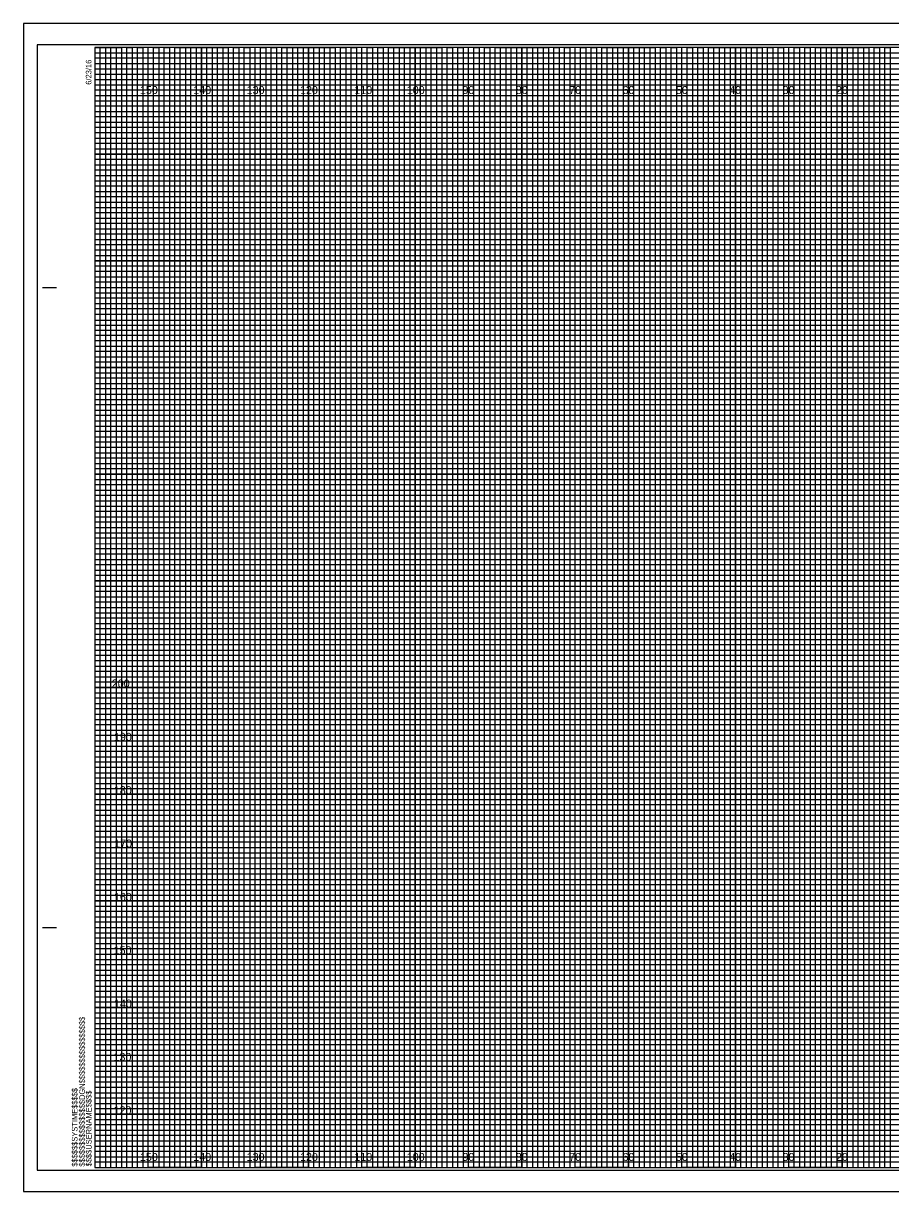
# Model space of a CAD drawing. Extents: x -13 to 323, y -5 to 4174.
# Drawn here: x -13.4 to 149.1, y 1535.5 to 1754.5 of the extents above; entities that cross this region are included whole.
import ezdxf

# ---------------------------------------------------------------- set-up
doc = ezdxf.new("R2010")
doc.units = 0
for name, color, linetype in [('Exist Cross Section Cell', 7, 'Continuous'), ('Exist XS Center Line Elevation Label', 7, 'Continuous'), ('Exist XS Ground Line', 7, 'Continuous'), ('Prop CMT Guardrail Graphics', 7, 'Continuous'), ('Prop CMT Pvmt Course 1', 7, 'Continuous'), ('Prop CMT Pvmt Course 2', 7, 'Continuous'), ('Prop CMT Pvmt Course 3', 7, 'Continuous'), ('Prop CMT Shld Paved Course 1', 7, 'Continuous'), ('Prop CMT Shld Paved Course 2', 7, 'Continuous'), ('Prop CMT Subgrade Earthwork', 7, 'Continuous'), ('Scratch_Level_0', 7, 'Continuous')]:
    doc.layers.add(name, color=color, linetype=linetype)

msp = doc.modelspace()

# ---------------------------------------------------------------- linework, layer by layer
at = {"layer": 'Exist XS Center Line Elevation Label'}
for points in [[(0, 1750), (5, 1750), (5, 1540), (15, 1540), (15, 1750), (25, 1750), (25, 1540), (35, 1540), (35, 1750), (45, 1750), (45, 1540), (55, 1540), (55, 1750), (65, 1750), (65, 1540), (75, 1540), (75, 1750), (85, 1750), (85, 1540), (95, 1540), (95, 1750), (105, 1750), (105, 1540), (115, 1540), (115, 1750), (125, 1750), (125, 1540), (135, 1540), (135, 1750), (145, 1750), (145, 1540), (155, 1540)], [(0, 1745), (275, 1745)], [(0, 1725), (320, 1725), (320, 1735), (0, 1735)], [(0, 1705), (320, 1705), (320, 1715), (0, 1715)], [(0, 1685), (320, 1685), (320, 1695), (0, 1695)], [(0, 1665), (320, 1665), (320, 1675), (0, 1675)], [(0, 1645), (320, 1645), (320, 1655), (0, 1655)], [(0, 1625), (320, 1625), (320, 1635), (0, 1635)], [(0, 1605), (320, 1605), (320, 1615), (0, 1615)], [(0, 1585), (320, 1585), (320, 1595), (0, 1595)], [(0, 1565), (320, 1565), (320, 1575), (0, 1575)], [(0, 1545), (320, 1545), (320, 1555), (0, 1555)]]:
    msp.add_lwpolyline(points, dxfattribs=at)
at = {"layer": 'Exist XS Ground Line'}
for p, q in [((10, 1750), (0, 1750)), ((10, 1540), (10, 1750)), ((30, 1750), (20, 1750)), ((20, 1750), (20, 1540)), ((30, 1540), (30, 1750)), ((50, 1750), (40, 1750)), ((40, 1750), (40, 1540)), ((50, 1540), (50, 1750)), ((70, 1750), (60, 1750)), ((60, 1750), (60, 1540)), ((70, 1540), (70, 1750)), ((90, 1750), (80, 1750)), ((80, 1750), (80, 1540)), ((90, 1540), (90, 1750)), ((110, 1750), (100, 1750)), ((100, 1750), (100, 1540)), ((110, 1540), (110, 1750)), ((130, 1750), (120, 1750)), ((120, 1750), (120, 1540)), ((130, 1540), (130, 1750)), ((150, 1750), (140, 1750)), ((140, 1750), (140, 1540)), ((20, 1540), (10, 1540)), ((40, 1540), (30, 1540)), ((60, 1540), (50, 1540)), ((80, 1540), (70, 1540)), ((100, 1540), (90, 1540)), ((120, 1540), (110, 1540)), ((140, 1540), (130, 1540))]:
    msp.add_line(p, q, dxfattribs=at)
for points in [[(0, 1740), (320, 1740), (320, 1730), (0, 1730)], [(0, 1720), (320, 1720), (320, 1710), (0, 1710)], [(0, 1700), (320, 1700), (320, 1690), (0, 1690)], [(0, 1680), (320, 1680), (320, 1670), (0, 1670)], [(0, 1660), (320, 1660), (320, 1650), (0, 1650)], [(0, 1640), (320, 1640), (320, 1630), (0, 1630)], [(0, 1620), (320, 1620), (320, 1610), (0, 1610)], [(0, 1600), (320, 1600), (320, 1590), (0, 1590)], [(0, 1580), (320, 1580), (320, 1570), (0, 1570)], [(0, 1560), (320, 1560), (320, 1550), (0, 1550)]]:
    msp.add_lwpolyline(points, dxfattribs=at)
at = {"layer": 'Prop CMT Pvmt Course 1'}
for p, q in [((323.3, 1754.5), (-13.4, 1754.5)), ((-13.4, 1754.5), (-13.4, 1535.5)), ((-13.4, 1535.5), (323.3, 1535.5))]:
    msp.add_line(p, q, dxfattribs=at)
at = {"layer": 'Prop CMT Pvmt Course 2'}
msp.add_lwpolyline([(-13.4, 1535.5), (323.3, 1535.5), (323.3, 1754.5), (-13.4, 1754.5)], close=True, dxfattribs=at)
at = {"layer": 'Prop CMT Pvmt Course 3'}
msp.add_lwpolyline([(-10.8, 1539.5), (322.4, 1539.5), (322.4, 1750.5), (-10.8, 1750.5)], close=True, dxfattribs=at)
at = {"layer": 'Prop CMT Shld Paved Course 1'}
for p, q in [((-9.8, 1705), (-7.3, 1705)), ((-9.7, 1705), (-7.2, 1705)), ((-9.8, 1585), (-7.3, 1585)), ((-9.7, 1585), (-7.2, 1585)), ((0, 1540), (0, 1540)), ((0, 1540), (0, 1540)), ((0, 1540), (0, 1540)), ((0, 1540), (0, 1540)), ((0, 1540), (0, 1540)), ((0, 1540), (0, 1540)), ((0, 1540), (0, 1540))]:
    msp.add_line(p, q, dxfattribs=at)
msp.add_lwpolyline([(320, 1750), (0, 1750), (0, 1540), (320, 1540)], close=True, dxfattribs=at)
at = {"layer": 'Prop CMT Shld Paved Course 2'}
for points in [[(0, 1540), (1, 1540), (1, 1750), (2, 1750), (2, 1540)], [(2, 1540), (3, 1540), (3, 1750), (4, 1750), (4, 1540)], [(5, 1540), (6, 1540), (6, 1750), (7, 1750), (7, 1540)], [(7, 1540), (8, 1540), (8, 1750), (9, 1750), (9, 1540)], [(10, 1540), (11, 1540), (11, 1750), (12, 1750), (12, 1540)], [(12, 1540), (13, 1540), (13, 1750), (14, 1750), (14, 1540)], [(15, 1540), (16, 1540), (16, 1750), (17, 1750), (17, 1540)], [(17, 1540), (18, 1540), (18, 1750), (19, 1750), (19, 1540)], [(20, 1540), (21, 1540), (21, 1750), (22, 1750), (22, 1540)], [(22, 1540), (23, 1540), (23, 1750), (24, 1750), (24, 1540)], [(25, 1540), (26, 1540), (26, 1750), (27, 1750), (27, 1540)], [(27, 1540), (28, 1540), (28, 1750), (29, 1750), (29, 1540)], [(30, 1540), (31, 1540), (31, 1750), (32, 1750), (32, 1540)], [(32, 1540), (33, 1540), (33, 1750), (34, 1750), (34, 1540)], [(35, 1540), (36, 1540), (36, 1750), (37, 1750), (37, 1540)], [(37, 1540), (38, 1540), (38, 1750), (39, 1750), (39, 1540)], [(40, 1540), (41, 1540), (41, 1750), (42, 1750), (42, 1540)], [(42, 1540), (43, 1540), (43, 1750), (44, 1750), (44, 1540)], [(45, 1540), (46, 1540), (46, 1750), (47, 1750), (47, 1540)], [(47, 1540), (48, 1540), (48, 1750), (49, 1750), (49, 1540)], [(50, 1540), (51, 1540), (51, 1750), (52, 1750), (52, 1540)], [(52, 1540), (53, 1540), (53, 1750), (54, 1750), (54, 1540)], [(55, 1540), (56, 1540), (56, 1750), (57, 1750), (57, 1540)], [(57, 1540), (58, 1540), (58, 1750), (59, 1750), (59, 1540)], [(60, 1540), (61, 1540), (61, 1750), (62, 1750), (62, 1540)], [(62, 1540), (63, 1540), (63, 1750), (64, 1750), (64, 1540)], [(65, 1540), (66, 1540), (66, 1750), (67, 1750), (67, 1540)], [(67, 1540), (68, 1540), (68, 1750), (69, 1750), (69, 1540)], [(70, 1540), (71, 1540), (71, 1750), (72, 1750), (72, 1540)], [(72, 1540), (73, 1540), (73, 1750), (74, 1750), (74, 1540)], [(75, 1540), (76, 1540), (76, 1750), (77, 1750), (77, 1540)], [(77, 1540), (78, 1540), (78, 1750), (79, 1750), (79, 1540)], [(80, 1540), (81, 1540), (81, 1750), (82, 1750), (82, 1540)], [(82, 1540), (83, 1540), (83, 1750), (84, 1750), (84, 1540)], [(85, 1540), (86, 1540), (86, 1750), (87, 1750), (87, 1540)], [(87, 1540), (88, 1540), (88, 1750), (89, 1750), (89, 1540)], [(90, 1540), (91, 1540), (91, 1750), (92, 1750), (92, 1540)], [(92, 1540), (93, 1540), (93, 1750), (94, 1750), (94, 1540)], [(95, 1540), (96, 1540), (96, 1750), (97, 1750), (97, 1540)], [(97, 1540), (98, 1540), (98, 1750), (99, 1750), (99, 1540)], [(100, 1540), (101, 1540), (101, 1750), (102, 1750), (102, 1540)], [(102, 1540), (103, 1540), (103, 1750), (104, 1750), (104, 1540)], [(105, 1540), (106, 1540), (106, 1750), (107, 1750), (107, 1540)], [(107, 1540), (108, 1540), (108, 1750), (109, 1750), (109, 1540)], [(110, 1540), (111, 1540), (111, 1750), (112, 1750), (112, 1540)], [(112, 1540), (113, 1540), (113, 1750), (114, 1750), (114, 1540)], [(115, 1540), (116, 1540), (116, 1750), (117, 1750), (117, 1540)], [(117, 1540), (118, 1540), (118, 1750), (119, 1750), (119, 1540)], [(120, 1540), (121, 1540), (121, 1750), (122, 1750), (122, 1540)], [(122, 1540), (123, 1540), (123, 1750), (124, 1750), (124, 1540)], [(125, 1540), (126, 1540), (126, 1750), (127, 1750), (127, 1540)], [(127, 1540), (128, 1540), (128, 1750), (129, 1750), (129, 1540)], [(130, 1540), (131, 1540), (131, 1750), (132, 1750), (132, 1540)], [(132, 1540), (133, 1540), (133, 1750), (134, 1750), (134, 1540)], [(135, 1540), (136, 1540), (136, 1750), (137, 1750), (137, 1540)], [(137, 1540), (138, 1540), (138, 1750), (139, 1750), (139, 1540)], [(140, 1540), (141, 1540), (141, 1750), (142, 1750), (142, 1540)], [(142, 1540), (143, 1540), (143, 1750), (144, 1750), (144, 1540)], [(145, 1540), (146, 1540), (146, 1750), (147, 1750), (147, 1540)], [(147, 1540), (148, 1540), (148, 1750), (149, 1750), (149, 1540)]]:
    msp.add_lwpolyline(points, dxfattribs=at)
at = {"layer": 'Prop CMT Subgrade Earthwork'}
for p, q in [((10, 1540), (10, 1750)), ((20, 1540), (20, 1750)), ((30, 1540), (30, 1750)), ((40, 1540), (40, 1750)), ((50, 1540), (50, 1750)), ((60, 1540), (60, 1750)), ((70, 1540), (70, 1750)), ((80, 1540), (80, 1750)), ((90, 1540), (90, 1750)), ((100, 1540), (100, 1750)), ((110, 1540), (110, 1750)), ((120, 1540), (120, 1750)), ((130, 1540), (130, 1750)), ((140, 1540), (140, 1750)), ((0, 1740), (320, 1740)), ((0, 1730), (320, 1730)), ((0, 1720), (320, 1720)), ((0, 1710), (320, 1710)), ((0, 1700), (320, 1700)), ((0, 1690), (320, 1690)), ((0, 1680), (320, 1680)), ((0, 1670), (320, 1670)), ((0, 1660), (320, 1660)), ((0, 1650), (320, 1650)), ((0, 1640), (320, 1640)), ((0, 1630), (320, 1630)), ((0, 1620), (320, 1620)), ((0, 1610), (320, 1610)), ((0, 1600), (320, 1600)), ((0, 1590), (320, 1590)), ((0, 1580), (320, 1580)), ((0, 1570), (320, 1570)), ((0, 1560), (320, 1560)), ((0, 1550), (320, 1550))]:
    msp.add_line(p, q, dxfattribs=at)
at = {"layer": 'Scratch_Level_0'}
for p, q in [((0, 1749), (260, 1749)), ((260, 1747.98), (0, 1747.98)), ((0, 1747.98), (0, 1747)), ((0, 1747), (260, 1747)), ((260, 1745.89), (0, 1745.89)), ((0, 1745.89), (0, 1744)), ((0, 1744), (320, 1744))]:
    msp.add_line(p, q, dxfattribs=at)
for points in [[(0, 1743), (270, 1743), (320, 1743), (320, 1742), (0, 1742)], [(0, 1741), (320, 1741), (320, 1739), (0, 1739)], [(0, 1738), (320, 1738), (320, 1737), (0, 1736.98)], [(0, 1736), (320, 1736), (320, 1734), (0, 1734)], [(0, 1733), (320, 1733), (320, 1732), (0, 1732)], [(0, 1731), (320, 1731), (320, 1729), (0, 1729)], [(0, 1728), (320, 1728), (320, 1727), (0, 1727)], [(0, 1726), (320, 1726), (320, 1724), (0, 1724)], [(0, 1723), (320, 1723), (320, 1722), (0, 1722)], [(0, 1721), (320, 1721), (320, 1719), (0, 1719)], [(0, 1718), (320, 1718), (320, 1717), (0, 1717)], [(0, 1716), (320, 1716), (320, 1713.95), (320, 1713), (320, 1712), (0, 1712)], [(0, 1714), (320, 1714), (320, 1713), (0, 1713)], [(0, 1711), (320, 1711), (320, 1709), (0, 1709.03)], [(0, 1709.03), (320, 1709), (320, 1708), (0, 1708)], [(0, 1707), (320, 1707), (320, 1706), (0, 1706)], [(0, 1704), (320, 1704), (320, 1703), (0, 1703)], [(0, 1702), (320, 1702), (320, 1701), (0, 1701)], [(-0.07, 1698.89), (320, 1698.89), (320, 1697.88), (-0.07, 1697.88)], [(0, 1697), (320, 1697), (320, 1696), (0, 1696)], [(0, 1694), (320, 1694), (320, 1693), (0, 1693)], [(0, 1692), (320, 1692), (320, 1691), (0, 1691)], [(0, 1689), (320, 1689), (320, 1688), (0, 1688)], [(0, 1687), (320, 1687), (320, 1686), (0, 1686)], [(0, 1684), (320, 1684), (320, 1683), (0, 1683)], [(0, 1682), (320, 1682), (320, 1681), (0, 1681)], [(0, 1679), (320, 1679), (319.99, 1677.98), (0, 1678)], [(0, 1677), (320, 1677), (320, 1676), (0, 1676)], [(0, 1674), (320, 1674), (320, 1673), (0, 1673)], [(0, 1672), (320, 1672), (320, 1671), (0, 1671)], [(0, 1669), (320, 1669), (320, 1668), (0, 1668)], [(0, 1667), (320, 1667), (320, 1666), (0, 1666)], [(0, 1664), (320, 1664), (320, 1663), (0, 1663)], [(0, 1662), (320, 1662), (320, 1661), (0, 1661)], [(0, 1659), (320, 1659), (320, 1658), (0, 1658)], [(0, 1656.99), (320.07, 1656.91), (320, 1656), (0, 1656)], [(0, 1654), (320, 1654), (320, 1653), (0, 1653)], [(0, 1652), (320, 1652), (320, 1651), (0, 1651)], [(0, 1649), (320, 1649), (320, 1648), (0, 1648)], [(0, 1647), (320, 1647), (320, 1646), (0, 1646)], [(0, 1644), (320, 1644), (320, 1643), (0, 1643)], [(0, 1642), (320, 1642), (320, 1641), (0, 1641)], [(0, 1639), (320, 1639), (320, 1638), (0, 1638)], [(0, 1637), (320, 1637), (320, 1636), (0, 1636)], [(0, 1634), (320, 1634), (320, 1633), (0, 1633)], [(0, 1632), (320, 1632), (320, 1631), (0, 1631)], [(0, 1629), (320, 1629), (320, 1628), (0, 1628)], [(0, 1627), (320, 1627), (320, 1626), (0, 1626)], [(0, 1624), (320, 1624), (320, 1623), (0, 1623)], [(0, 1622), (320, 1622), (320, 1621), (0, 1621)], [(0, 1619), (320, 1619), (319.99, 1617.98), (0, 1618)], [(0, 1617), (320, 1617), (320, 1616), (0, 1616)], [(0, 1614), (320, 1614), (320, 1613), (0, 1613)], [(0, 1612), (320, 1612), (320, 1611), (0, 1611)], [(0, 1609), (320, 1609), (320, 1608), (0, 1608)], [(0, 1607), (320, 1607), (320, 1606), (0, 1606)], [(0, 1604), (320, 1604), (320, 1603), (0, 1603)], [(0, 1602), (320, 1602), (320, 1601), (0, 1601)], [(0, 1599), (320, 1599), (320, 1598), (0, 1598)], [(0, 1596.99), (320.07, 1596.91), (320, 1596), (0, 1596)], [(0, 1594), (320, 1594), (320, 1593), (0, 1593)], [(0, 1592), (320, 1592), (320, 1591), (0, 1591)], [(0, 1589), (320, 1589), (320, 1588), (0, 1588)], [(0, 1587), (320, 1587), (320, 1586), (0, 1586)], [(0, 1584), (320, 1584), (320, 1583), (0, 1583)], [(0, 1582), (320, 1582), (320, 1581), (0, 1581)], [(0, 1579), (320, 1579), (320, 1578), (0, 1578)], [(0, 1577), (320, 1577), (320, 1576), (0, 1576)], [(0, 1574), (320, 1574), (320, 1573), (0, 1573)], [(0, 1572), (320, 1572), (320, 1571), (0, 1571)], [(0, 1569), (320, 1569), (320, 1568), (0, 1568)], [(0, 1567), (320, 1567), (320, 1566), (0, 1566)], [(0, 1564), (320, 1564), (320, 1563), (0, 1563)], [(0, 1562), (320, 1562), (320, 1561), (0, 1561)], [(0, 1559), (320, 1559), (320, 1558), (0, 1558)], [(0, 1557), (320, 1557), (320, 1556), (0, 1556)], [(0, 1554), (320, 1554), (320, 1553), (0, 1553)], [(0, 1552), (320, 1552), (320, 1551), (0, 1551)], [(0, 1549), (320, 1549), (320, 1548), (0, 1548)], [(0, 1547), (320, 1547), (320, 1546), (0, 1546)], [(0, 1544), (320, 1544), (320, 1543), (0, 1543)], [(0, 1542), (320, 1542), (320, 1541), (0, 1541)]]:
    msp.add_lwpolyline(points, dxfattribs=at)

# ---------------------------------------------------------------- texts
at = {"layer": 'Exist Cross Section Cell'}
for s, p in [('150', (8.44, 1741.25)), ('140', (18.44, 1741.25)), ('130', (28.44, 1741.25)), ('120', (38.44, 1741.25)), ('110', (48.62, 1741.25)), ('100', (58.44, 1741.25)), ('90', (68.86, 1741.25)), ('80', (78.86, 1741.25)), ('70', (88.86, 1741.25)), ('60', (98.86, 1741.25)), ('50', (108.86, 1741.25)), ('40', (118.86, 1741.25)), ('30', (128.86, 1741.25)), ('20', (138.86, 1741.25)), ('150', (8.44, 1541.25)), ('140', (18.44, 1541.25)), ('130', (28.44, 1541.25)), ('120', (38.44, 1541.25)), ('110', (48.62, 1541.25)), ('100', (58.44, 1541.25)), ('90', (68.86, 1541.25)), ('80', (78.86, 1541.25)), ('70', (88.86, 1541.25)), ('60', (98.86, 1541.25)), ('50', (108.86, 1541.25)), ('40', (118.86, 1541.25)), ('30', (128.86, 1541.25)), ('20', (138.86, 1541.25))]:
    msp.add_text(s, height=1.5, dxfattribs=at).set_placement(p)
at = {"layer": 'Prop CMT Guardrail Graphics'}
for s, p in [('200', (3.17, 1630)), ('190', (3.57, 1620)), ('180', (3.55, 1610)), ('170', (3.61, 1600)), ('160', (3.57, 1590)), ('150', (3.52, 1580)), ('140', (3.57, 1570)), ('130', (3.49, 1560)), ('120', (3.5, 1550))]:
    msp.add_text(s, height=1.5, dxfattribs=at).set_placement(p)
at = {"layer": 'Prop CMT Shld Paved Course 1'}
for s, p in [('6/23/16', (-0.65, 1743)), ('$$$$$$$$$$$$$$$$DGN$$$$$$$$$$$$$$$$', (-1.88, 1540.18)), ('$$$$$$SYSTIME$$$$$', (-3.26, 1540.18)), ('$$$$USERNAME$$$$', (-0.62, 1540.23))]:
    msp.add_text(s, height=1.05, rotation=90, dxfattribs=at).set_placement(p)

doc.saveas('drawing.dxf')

WHAT YOU HAVE TO DO:
Find each line holding the string "True" in the listing above, then copy it.

OUTPUT OF THE EXERCISE:
msp.add_lwpolyline([(-13.4, 1535.5), (323.3, 1535.5), (323.3, 1754.5), (-13.4, 1754.5)], close=True, dxfattribs=at)
msp.add_lwpolyline([(-10.8, 1539.5), (322.4, 1539.5), (322.4, 1750.5), (-10.8, 1750.5)], close=True, dxfattribs=at)
msp.add_lwpolyline([(320, 1750), (0, 1750), (0, 1540), (320, 1540)], close=True, dxfattribs=at)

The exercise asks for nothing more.